CRUCIFIXION – a quick history
Crucifixion, contrary to what many people think, was not original to the Romans. They just made it vastly more popular, or unpopular, might be a better way to put it.
Historians are not sure who invented crucifixion. It is perhaps derived from
the ancient Assyrian practice of impalement where criminals or captured enemies
were pierced through the body by upright rods and left to die.
Crucifixion is first mentioned among the Persians. About 519 BC
"Darius I, king of Persia, crucified 3,000 political opponents in Babylon."
It was later employed by the
Greeks,
especially Alexander the Great.
In 332 BC Alexander
had 2,000 survivors from the siege of Tyre crucified
along the shores of the Mediterranean Sea.

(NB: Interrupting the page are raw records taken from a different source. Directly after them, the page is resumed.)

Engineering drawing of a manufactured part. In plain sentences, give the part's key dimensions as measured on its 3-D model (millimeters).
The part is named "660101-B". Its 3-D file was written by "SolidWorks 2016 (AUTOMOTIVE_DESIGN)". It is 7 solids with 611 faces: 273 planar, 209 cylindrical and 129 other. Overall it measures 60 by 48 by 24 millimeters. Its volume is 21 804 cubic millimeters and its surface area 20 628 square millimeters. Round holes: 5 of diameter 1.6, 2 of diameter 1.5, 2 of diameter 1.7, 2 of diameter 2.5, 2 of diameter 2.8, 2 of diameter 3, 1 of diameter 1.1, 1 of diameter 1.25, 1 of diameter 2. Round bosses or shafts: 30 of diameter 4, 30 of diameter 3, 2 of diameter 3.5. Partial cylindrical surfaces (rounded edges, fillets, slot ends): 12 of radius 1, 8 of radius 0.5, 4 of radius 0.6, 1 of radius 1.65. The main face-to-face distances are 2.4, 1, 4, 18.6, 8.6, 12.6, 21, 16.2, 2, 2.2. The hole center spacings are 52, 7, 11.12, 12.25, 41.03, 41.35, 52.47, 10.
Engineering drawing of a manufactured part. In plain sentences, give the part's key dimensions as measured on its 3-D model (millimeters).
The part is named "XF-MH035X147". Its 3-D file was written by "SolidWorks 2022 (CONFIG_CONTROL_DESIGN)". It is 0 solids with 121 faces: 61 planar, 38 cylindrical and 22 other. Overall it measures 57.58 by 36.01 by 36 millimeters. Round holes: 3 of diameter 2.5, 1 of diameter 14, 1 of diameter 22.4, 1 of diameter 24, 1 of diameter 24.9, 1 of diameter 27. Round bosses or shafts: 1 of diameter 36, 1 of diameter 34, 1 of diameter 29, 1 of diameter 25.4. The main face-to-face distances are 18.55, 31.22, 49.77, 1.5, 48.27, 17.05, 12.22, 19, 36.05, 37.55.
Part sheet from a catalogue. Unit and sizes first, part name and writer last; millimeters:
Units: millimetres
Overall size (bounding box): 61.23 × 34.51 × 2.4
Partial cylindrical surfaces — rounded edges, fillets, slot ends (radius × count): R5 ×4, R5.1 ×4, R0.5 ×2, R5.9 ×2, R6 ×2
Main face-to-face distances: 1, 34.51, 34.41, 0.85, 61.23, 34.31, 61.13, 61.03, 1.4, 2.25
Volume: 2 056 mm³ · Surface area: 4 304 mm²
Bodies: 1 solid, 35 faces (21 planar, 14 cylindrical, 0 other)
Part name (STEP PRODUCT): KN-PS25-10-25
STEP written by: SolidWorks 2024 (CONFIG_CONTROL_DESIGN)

The Romans picked up the practice and used it as a punishment for slaves and
non-citizens, or sometimes for citizens, but only if they had committed treason. During the times of
Caligula, who was Roman emperor from AD 37-41, Jews were tortured and crucified
in the amphitheater to entertain the inhabitants of Alexandria.
Crucifixion was unheard of among the Jews during Old Testament times--and the
Jews themselves never practiced it, although in the Old Testament the corpses
of blasphemers or idolaters punished by stoning might be hanged "on a tree"
as further humiliation (Deut. 21:23). Crucifixion was not introduced into Palestine
until Hellenistic times.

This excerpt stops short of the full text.